Amish Culture: View on Music (Article by Kelly Irvin)

A Plain Love Song

Amish & Musical Instruments
By Kelly Irvin

Writing A Plain Love Song caused me to pause and think perhaps more than any of the previous Amish romances I’ve written when it comes to trying to understand the Amish culture and faith. That’s because I love music. I’ve always wanted to play musical instruments, but alas, I have not a smidgen of talent. As I began to think about writing this story of a young Amish woman who loves music and desperately wants to write songs, play the guitar, and sing, I realized I needed to do some research to understand the objections the Amish have to such an aspiration. My go-to books for answering my questions on topics such as this are The Amish by Donald B. Kraybill and Amish Society by John A. Hostetler.

To understand why the Amish eschew musical instruments, you really have to understand the underpinnings of their approach to faith. They reject pride and try to practice humility at all times. The underlying attitude is of submission to God’s will. In our world of The Voice and American Idol, performers are celebrities who are feted, well-paid, and much loved by their fans. We’re told to compete, strut our stuff on the stage, and seek fame and fortune. Not so, with the Amish.

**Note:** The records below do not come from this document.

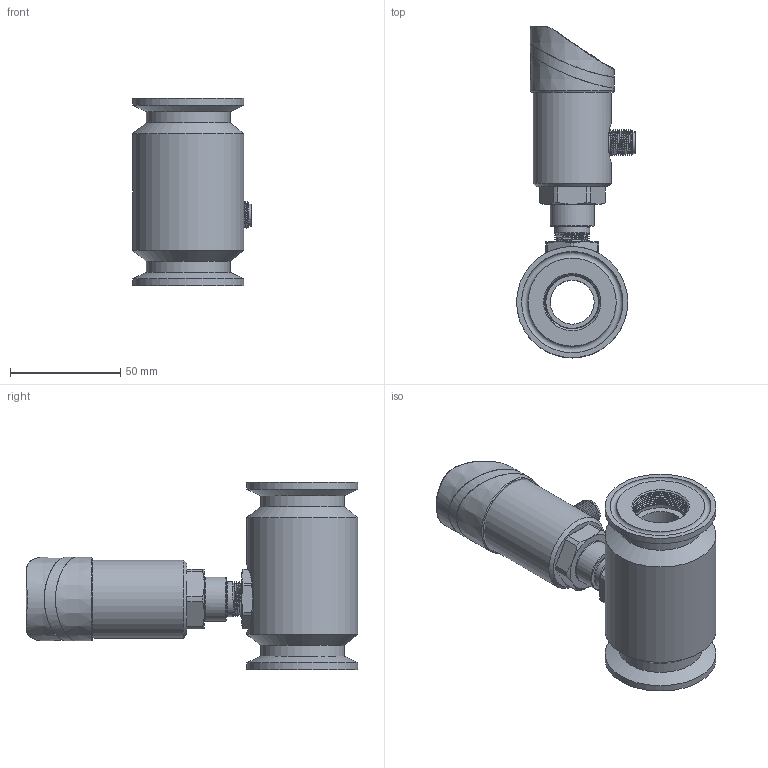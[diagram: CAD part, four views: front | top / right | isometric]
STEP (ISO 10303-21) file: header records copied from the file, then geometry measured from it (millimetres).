
FILE_DESCRIPTION( (''), '2;1');
FILE_NAME( 'QTKE_DN20_tri-clamp.step', '2024-10-15T08:27:44+08:00', (''), (''), '', '', '');
FILE_SCHEMA (('AUTOMOTIVE_DESIGN { 1 0 10303 214 3 1 1 1 }'));
Length unit declared in the file: millimetre
Products named in the file (1): QTKE DN20_tri-clamp
Bounding box: 53.97 x 150.75 x 85 mm (x, y, z)
Volume: 185186.8 mm3; surface area: 52365.3 mm2
Topology: 5 solids, 6 shells, 736 faces, 1901 edges, 1242 vertices
Faces by surface type: plane 271, extrusion 141, cylinder 137, cone 76, bspline 66, torus 34, sphere 11
Full cylindrical faces by diameter (mm): 1.689 x1, 2.7 x3, 12 x1, 15.9 x1, 16.5 x1, 17 x1, 20 x2, 23 x3, 26 x7, 35.5 x1, 37.001 x1, 38 x2, 50.5 x3
Entity records: 40741 total; most frequent: CARTESIAN_POINT 22623, ORIENTED_EDGE 3588, DIRECTION 2841, EDGE_CURVE 1794, VERTEX_POINT 1202, VECTOR 953, AXIS2_PLACEMENT_3D 944, EDGE_LOOP 874
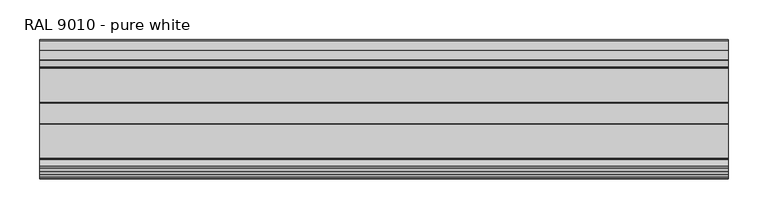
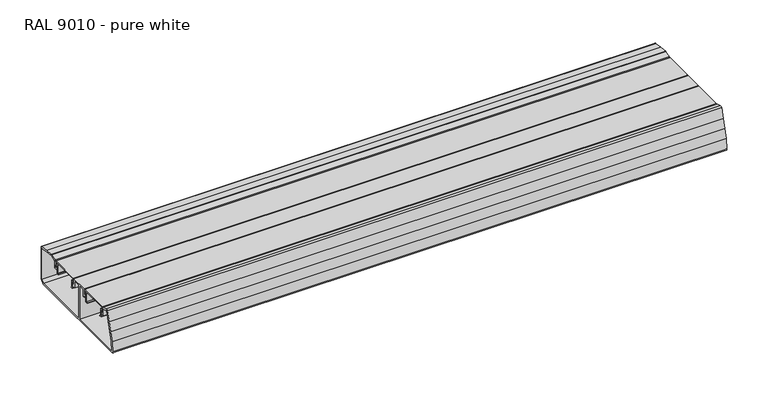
"""IFC4 building model written with IfcOpenShell, lengths in millimetres: proxy geometry, Electrical_Installations_Hager_GBD-Curved-Lid-End-Cap : RAL 9010 - pure white."""

from ifc_helpers import new_model, si_unit, point, frame, frame_2d, origin, place, context, project, spatial, polyline, circle_curve, trimmed, segment, composite_curve, outline, extrude, source, transform, mapped, element, save


def ral_9010_pure_white_6a0d687c(model_context):
    return source(origin(), model_context, "Body", "SweptSolid", [
        extrude(outline(composite_curve([segment(polyline([(-85.2368553, -25.0), (-6.25, -25.0), (-6.25, 25.0), (-15.95, 25.0), (-15.95, 14.96875), (-20.25, 14.96875), (-20.25, 18.7637258), (-19.25, 18.7637258), (-19.25, 16.3), (-17.75, 16.3), (-17.75, 27.0), (7.25, 27.0), (7.25, 16.3), (8.75, 16.3), (8.75, 18.7441115), (9.75, 18.7441115), (9.75, 14.5), (5.45, 14.5), (5.45, 25.0), (-4.25, 25.0), (-4.25, -25.0), (81.2473088, -25.0), (85.2, -21.0473088), (85.2, 25.0790901), (73.4084992, 26.7822965), (61.8792753, 27.7103781), (54.05, 25.1664923), (54.05, 14.5), (49.75, 14.5), (49.75, 18.7391101), (50.75, 18.7391101), (50.75, 16.3), (52.25, 16.3), (52.25, 26.2703589)]), True, "CONTINUOUS"), segment(trimmed(circle_curve(frame_2d((53.2542649, 26.2703589)), 1.0042649), [point((52.25, 26.2703589))], [point((52.94393, 27.2254715))], False, "CARTESIAN"), True, "CONTINUOUS"), segment(polyline([(52.94393, 27.2254715), (61.1647105, 29.896565)]), True, "CONTINUOUS"), segment(trimmed(circle_curve(frame_2d((61.8535718, 27.776468)), 2.229202), [point((61.1647105, 29.896565))], [point((62.0324399, 29.9984823))], False, "CARTESIAN"), True, "CONTINUOUS"), segment(polyline([(62.0324399, 29.9984823), (73.960524, 29.0382932), (85.7542621, 27.3347636)]), True, "CONTINUOUS"), segment(trimmed(circle_curve(frame_2d((85.4630616, 25.3187476)), 2.0369384), [point((85.7542621, 27.3347636))], [point((87.5, 25.3187476))], False, "CARTESIAN"), True, "CONTINUOUS"), segment(polyline([(87.5, 25.3187476), (87.5, -22.0), (82.5, -27.0), (-85.4371356, -27.0)]), True, "CONTINUOUS"), segment(trimmed(circle_curve(frame_2d((-85.4371356, -24.9109785)), 2.0890215), [point((-85.4371356, -27.0))], [point((-87.5045544, -24.6113283))], False, "CARTESIAN"), True, "CONTINUOUS"), segment(polyline([(-87.5045544, -24.6113283), (-85.4928777, -10.7318848), (-82.665273, 2.5001298), (-78.9366987, 15.5032139), (-74.2325269, 28.6175358)]), True, "CONTINUOUS"), segment(trimmed(circle_curve(frame_2d((-72.2816269, 27.9177383)), 2.0726137), [point((-74.2325269, 28.6175358))], [point((-71.641154, 29.8889111))], False, "CARTESIAN"), True, "CONTINUOUS"), segment(polyline([(-71.641154, 29.8889111), (-63.6327057, 27.2868085)]), True, "CONTINUOUS"), segment(trimmed(circle_curve(frame_2d((-63.9575866, 26.286928)), 1.0513366), [point((-63.6327057, 27.2868085))], [point((-62.90625, 26.286928))], False, "CARTESIAN"), True, "CONTINUOUS"), segment(polyline([(-62.90625, 26.286928), (-62.90625, 16.3), (-61.25, 16.3), (-61.25, 18.7177382), (-60.25, 18.7177382), (-60.25, 14.96875), (-64.55, 14.96875), (-64.55, 25.1664923), (-72.1420805, 27.6333088), (-76.7464574, 14.7971958), (-80.4325779, 1.9421659), (-83.2276507, -11.1376133), (-85.2368553, -25.0)]), True, "CONTINUOUS")], self_intersect=False)), frame((0.0, 0.0, 0.0), z_axis=(1.0, 0.0, 0.0), x_axis=(0.0, 1.0, 0.0)), (0.0, 0.0, 1.0), 863.9588891),
        extrude(outline(composite_curve([segment(polyline([(-19.317297, 25.7013932), (-61.217297, 25.7013932), (-61.217297, 22.4013932), (-57.767297, 22.4013932), (-57.767297, 10.8013932), (-55.867297, 10.8013932), (-55.867297, 10.0013932), (-58.767297, 10.0013932), (-58.767297, 21.4013932), (-61.5204385, 21.4013932), (-61.5204385, 17.0930522), (-62.5219845, 17.0930522), (-62.5219845, 26.2097868)]), True, "CONTINUOUS"), segment(trimmed(circle_curve(frame_2d((-61.6120226, 26.2097868)), 0.9099619), [point((-62.5219845, 26.2097868))], [point((-61.6120226, 27.1197487))], False, "CARTESIAN"), True, "CONTINUOUS"), segment(polyline([(-61.6120226, 27.1197487), (-19.1379774, 27.1197487)]), True, "CONTINUOUS"), segment(trimmed(circle_curve(frame_2d((-19.1379774, 26.1115683)), 1.0081804), [point((-19.1379774, 27.1197487))], [point((-18.129797, 26.1115683))], False, "CARTESIAN"), True, "CONTINUOUS"), segment(polyline([(-18.129797, 26.1115683), (-18.129797, 17.0930522), (-19.0141556, 17.0930522), (-19.0141556, 21.4013932), (-21.767297, 21.4013932), (-21.767297, 10.0013932), (-24.667297, 10.0013932), (-24.667297, 10.8013932), (-22.767297, 10.8013932), (-22.767297, 22.4013932), (-19.317297, 22.4013932), (-19.317297, 25.7013932)]), True, "CONTINUOUS")], self_intersect=False)), frame((0.0, 0.0, 0.0), z_axis=(1.0, 0.0, 0.0), x_axis=(0.0, 1.0, 0.0)), (0.0, 0.0, 1.0), 863.9588891),
        extrude(outline(composite_curve([segment(polyline([(50.7405963, 25.7013932), (8.8405963, 25.7013932), (8.8405963, 22.4013932), (12.2905963, 22.4013932), (12.2905963, 10.8013932), (14.1905963, 10.8013932), (14.1905963, 10.0013932), (11.2905963, 10.0013932), (11.2905963, 21.4013932), (8.5374548, 21.4013932), (8.5374548, 17.0930522), (7.5359088, 17.0930522), (7.5359088, 26.2097868)]), True, "CONTINUOUS"), segment(trimmed(circle_curve(frame_2d((8.4458707, 26.2097868)), 0.9099619), [point((7.5359088, 26.2097868))], [point((8.4458707, 27.1197487))], False, "CARTESIAN"), True, "CONTINUOUS"), segment(polyline([(8.4458707, 27.1197487), (50.9199159, 27.1197487)]), True, "CONTINUOUS"), segment(trimmed(circle_curve(frame_2d((50.9199159, 26.1115683)), 1.0081804), [point((50.9199159, 27.1197487))], [point((51.9280963, 26.1115683))], False, "CARTESIAN"), True, "CONTINUOUS"), segment(polyline([(51.9280963, 26.1115683), (51.9280963, 17.0930522), (51.0437378, 17.0930522), (51.0437378, 21.4013932), (48.2905963, 21.4013932), (48.2905963, 10.0013932), (45.3905963, 10.0013932), (45.3905963, 10.8013932), (47.2905963, 10.8013932), (47.2905963, 22.4013932), (50.7405963, 22.4013932), (50.7405963, 25.7013932)]), True, "CONTINUOUS")], self_intersect=False)), frame((0.0, 0.0, 0.0), z_axis=(1.0, 0.0, 0.0), x_axis=(0.0, 1.0, 0.0)), (0.0, 0.0, 1.0), 863.9588891),
    ])


if __name__ == "__main__":
    model = new_model("IFC4")
    model_context = context("Model", 3, world=origin())
    ifc_project = project(units=[si_unit("LENGTHUNIT", "METRE", prefix="MILLI")], contexts=[model_context])
    site = spatial("IfcSite", under=ifc_project)
    building = spatial("IfcBuilding", under=site)
    placement = place(None, origin())
    ral_9010_pure_white_shape = ral_9010_pure_white_6a0d687c(model_context)
    element("IfcBuildingElementProxy", 1, Name="Electrical_Installations_Hager_GBD-Curved-Lid-End-Cap : RAL 9010 - pure white", ObjectType="Electrical_Installations_Hager_GBD-Curved-Lid-End-Cap : RAL 9010 - pure white", at=placement, inside=building, context=model_context, shape_type="MappedRepresentation", body=[
        mapped(ral_9010_pure_white_shape, transform((0.0, 0.0, 0.0), x_axis=(1.0, 0.0, 0.0), y_axis=(0.0, 1.0, 0.0), z_axis=(0.0, 0.0, 1.0))),
    ])
    save(model, "model.ifc")

buggiesatauction by Tim Irvin - credited

Donald Kraybill says the Amish church discourages musical instruments because they’re afraid their use will lead to performances that show off individual talents. Worship includes singing, but without instruments, and in a very slow a capella style. Playing a musical instrument is seen as a means of self-expression that results in feelings of pride and superiority. It calls attention to the individual and is a distraction to true worship. The Amish love music and often sing at home while working. The young folks go to singings on Sunday evenings, but in most cases, no instruments are used.

So my story is a what-if story. What if a young Amish woman dreams of performing as a country music singer? What if she meets a young Englisch man who falls in love with her, teaches her to play the guitar, and encourages her to reach for her dream?

My husband and I flew to Missouri, rented a car, and drove from Jamesport to Branson, taking the same road Adah would’ve taken on her trip. I imagined what it would be like for her to leave her family and the only home she’d ever known, perhaps forever. I tried to see the billboards for the Branson shows through her eyes. I tried to imagine how she would feel when she saw the sparkling rhinestone-studded dresses, the exaggerated makeup, and the dangling earrings worn by the female performers. Did she nearly jump out of her seat when a confetti cannon exploded during a show? I did, so I suspect she would too.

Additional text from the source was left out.